# The 13th Penance Platoon and the Desolation of Dalamore



## DasOmen (Mar 10, 2011)

In the 41st millennium where there is only war, a refueling station going rogue is not a thing many people of sane or stable mind would like to think about. A resources so vital that the loss of one would be a massive setback for whatever force controlled it, and the destruction of which would seem almost unthinkable. Regardless of how much fuel any given ship carried, regardless of how long their stores could last them, it was still something that was needed, it was still a valuable commodity. When something fueled not just the ships, but the aircraft, the tanks, the walkers, the generators, but had the potential to power just about everything of worth, it's importance was something that didn't need actual words to get across it's worth, for without fuel one can not wage war on an effective scale. 

Loosing a fuel station was never a good thing, and as such most were protected by a sizeable force, and in such loosing one isn't something anyone really considered. To loose one someone would have to take out the defence force, take on the station's armed resistance, and then repair the damage caused in the first place, all of which was out in space or within the atmosphere of a toxic gas giant. To loose one of these stations was unthinkable... Until it happened. Because no one ever concidered that it would be the defence force that took the station in the first place. 

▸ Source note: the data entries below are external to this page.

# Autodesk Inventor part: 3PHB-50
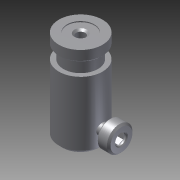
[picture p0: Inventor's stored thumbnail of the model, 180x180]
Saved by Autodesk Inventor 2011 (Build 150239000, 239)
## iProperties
Created: 2011-07
Part Number: 3PHB-50
Document SubType Name: Modeling
Designer: vadybininkas6
Density: 1 g/cm^3
Author: vadybininkas6
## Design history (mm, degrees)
feature "Base1"
body "Solid1"

Such was the fate of the refueling station Dalamore, and such was the discovery of the 13th penance platoon of the Pandoran crabs. It had started out after a successful campaign alongside a group of SpaceMarines from the Space Sharks chapter, unfortunately the platoon was in desperate need of fuel after the campaign and had made a pit stop on the outskirts of the Ultima Segmentum in order to refuel their armored units. Things went normally at first. they docked, went through the normal process of things, and even got a little bit of leave while the paperwork of everything was being taken care of... or at least that's what they thought was going to happen. No sooner had the commissar ordered a regulation game of Grapnel ball to keep his men in top form while also giving them time to relax had the bomb squig hit the fan figuratively speaking. It was about three points into the first quarter when a sniper from a unknown location assassinated the lord general as he was walking up to congratulate the commissar on a successful campaign. The shock of the lord general's death in a "peaceful area" such as a refueling station caught the normally stalwart commissar by surprise. 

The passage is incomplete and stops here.